◆ Records drawn from a dataset ◆
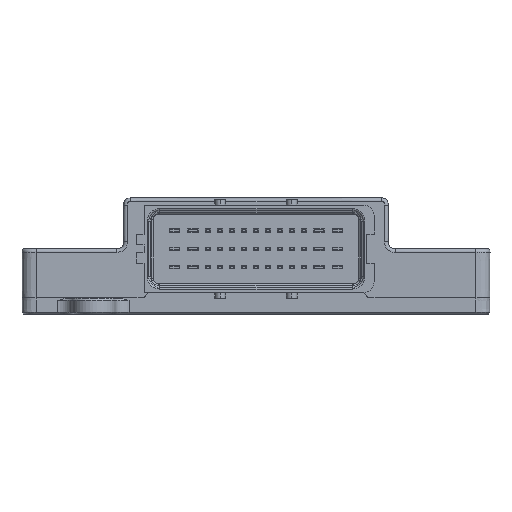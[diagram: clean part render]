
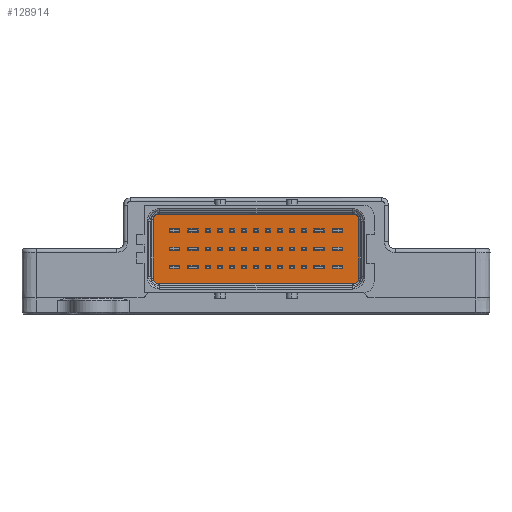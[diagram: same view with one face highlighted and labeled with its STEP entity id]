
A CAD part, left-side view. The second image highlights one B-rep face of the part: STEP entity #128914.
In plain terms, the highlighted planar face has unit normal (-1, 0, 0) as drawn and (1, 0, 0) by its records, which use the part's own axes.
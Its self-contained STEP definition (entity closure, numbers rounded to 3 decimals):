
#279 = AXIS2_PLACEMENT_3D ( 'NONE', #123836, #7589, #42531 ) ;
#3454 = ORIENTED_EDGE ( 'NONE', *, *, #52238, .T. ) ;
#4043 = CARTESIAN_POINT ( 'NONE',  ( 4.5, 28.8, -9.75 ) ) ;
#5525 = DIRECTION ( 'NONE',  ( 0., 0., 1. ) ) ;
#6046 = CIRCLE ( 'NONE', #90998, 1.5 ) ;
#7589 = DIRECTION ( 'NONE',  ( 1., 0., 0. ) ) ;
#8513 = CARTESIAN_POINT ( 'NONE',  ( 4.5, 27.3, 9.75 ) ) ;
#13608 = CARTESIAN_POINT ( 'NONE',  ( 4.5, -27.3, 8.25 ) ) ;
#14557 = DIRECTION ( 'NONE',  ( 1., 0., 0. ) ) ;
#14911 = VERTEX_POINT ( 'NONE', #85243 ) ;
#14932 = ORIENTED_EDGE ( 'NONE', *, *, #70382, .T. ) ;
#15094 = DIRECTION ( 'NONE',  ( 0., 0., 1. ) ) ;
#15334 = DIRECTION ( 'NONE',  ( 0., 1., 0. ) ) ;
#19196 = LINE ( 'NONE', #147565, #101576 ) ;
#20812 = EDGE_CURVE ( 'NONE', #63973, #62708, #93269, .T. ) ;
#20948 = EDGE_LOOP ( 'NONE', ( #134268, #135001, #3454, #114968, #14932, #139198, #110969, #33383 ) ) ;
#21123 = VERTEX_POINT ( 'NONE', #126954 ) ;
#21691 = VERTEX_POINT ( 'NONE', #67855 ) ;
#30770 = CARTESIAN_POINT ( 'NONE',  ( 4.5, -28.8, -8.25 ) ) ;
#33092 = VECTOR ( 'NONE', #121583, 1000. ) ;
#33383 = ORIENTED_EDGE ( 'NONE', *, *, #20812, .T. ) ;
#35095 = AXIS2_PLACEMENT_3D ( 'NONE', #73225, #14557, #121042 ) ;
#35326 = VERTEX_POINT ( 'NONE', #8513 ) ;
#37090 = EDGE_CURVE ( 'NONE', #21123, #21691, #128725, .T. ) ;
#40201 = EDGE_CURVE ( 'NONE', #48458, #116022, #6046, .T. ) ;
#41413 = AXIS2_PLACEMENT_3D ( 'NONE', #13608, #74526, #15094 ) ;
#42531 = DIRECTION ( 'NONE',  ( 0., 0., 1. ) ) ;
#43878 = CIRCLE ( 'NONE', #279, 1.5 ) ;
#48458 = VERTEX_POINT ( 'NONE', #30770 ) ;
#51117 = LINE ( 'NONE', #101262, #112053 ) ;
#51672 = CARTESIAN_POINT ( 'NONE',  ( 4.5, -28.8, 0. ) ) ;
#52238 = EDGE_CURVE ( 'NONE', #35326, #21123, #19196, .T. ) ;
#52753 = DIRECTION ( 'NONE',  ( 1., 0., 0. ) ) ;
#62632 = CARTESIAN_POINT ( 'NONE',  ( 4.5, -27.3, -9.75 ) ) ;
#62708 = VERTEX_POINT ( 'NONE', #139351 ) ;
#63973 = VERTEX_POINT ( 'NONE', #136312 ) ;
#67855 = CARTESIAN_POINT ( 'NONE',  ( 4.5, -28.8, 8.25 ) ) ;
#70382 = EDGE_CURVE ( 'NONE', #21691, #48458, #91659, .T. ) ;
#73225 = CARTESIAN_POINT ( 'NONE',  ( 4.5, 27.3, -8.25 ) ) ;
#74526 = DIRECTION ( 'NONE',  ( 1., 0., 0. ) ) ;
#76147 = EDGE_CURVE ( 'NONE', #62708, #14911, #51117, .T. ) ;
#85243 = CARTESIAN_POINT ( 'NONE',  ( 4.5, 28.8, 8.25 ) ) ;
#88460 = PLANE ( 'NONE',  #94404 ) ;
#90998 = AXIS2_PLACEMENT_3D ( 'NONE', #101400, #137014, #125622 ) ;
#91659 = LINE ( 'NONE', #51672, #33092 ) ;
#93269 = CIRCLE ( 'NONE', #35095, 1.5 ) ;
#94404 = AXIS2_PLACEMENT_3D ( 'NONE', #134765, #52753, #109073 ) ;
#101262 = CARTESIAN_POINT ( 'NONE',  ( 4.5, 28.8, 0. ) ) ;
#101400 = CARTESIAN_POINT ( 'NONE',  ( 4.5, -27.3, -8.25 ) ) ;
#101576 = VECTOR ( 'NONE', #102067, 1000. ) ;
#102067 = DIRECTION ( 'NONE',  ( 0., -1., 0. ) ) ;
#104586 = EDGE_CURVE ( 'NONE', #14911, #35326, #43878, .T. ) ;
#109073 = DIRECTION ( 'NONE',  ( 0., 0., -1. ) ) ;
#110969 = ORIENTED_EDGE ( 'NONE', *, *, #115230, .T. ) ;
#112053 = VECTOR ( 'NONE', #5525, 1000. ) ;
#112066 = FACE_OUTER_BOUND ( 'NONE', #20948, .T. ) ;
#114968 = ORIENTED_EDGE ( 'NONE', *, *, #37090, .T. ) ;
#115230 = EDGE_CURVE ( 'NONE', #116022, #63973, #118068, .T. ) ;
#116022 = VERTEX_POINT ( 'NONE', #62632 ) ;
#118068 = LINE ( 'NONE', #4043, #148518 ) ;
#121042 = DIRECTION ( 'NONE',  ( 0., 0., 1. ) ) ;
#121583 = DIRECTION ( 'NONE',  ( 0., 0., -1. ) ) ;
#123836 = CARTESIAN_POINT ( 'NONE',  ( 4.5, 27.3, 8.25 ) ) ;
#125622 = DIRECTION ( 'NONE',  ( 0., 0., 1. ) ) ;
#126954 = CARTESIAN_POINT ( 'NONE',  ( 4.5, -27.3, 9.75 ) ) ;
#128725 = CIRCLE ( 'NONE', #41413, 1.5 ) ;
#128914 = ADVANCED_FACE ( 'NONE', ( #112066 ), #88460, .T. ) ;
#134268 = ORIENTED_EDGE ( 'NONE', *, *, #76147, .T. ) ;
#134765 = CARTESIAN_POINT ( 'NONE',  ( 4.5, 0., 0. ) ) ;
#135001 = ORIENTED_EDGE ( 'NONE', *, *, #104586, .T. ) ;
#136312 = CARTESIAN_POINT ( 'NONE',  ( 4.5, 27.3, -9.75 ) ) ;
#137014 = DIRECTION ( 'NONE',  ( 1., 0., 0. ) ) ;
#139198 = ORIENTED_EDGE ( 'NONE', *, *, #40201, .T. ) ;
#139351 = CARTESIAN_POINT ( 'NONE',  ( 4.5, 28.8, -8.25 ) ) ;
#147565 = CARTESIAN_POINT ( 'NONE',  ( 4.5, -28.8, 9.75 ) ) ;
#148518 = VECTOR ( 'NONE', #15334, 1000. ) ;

◆ What the exercise asks ◆
Please transcribe each entry exactly, but skip any picture it holds.

◆ Answer ◆
[diagram: clean part render]
[diagram: same view with one face highlighted and labeled with its STEP entity id]
A CAD part, left-side view. The second image highlights one B-rep face of the part: STEP entity #128914.
In plain terms, the highlighted planar face has unit normal (-1, 0, 0) as drawn and (1, 0, 0) by its records, which use the part's own axes.
Its self-contained STEP definition (entity closure, numbers rounded to 3 decimals):
#279 = AXIS2_PLACEMENT_3D ( 'NONE', #123836, #7589, #42531 ) ;
#3454 = ORIENTED_EDGE ( 'NONE', *, *, #52238, .T. ) ;
#4043 = CARTESIAN_POINT ( 'NONE',  ( 4.5, 28.8, -9.75 ) ) ;
#5525 = DIRECTION ( 'NONE',  ( 0., 0., 1. ) ) ;
#6046 = CIRCLE ( 'NONE', #90998, 1.5 ) ;
#7589 = DIRECTION ( 'NONE',  ( 1., 0., 0. ) ) ;
#8513 = CARTESIAN_POINT ( 'NONE',  ( 4.5, 27.3, 9.75 ) ) ;
#13608 = CARTESIAN_POINT ( 'NONE',  ( 4.5, -27.3, 8.25 ) ) ;
#14557 = DIRECTION ( 'NONE',  ( 1., 0., 0. ) ) ;
#14911 = VERTEX_POINT ( 'NONE', #85243 ) ;
#14932 = ORIENTED_EDGE ( 'NONE', *, *, #70382, .T. ) ;
#15094 = DIRECTION ( 'NONE',  ( 0., 0., 1. ) ) ;
#15334 = DIRECTION ( 'NONE',  ( 0., 1., 0. ) ) ;
#19196 = LINE ( 'NONE', #147565, #101576 ) ;
#20812 = EDGE_CURVE ( 'NONE', #63973, #62708, #93269, .T. ) ;
#20948 = EDGE_LOOP ( 'NONE', ( #134268, #135001, #3454, #114968, #14932, #139198, #110969, #33383 ) ) ;
#21123 = VERTEX_POINT ( 'NONE', #126954 ) ;
#21691 = VERTEX_POINT ( 'NONE', #67855 ) ;
#30770 = CARTESIAN_POINT ( 'NONE',  ( 4.5, -28.8, -8.25 ) ) ;
#33092 = VECTOR ( 'NONE', #121583, 1000. ) ;
#33383 = ORIENTED_EDGE ( 'NONE', *, *, #20812, .T. ) ;
#35095 = AXIS2_PLACEMENT_3D ( 'NONE', #73225, #14557, #121042 ) ;
#35326 = VERTEX_POINT ( 'NONE', #8513 ) ;
#37090 = EDGE_CURVE ( 'NONE', #21123, #21691, #128725, .T. ) ;
#40201 = EDGE_CURVE ( 'NONE', #48458, #116022, #6046, .T. ) ;
#41413 = AXIS2_PLACEMENT_3D ( 'NONE', #13608, #74526, #15094 ) ;
#42531 = DIRECTION ( 'NONE',  ( 0., 0., 1. ) ) ;
#43878 = CIRCLE ( 'NONE', #279, 1.5 ) ;
#48458 = VERTEX_POINT ( 'NONE', #30770 ) ;
#51117 = LINE ( 'NONE', #101262, #112053 ) ;
#51672 = CARTESIAN_POINT ( 'NONE',  ( 4.5, -28.8, 0. ) ) ;
#52238 = EDGE_CURVE ( 'NONE', #35326, #21123, #19196, .T. ) ;
#52753 = DIRECTION ( 'NONE',  ( 1., 0., 0. ) ) ;
#62632 = CARTESIAN_POINT ( 'NONE',  ( 4.5, -27.3, -9.75 ) ) ;
#62708 = VERTEX_POINT ( 'NONE', #139351 ) ;
#63973 = VERTEX_POINT ( 'NONE', #136312 ) ;
#67855 = CARTESIAN_POINT ( 'NONE',  ( 4.5, -28.8, 8.25 ) ) ;
#70382 = EDGE_CURVE ( 'NONE', #21691, #48458, #91659, .T. ) ;
#73225 = CARTESIAN_POINT ( 'NONE',  ( 4.5, 27.3, -8.25 ) ) ;
#74526 = DIRECTION ( 'NONE',  ( 1., 0., 0. ) ) ;
#76147 = EDGE_CURVE ( 'NONE', #62708, #14911, #51117, .T. ) ;
#85243 = CARTESIAN_POINT ( 'NONE',  ( 4.5, 28.8, 8.25 ) ) ;
#88460 = PLANE ( 'NONE',  #94404 ) ;
#90998 = AXIS2_PLACEMENT_3D ( 'NONE', #101400, #137014, #125622 ) ;
#91659 = LINE ( 'NONE', #51672, #33092 ) ;
#93269 = CIRCLE ( 'NONE', #35095, 1.5 ) ;
#94404 = AXIS2_PLACEMENT_3D ( 'NONE', #134765, #52753, #109073 ) ;
#101262 = CARTESIAN_POINT ( 'NONE',  ( 4.5, 28.8, 0. ) ) ;
#101400 = CARTESIAN_POINT ( 'NONE',  ( 4.5, -27.3, -8.25 ) ) ;
#101576 = VECTOR ( 'NONE', #102067, 1000. ) ;
#102067 = DIRECTION ( 'NONE',  ( 0., -1., 0. ) ) ;
#104586 = EDGE_CURVE ( 'NONE', #14911, #35326, #43878, .T. ) ;
#109073 = DIRECTION ( 'NONE',  ( 0., 0., -1. ) ) ;
#110969 = ORIENTED_EDGE ( 'NONE', *, *, #115230, .T. ) ;
#112053 = VECTOR ( 'NONE', #5525, 1000. ) ;
#112066 = FACE_OUTER_BOUND ( 'NONE', #20948, .T. ) ;
#114968 = ORIENTED_EDGE ( 'NONE', *, *, #37090, .T. ) ;
#115230 = EDGE_CURVE ( 'NONE', #116022, #63973, #118068, .T. ) ;
#116022 = VERTEX_POINT ( 'NONE', #62632 ) ;
#118068 = LINE ( 'NONE', #4043, #148518 ) ;
#121042 = DIRECTION ( 'NONE',  ( 0., 0., 1. ) ) ;
#121583 = DIRECTION ( 'NONE',  ( 0., 0., -1. ) ) ;
#123836 = CARTESIAN_POINT ( 'NONE',  ( 4.5, 27.3, 8.25 ) ) ;
#125622 = DIRECTION ( 'NONE',  ( 0., 0., 1. ) ) ;
#126954 = CARTESIAN_POINT ( 'NONE',  ( 4.5, -27.3, 9.75 ) ) ;
#128725 = CIRCLE ( 'NONE', #41413, 1.5 ) ;
#128914 = ADVANCED_FACE ( 'NONE', ( #112066 ), #88460, .T. ) ;
#134268 = ORIENTED_EDGE ( 'NONE', *, *, #76147, .T. ) ;
#134765 = CARTESIAN_POINT ( 'NONE',  ( 4.5, 0., 0. ) ) ;
#135001 = ORIENTED_EDGE ( 'NONE', *, *, #104586, .T. ) ;
#136312 = CARTESIAN_POINT ( 'NONE',  ( 4.5, 27.3, -9.75 ) ) ;
#137014 = DIRECTION ( 'NONE',  ( 1., 0., 0. ) ) ;
#139198 = ORIENTED_EDGE ( 'NONE', *, *, #40201, .T. ) ;
#139351 = CARTESIAN_POINT ( 'NONE',  ( 4.5, 28.8, -8.25 ) ) ;
#147565 = CARTESIAN_POINT ( 'NONE',  ( 4.5, -28.8, 9.75 ) ) ;
#148518 = VECTOR ( 'NONE', #15334, 1000. ) ;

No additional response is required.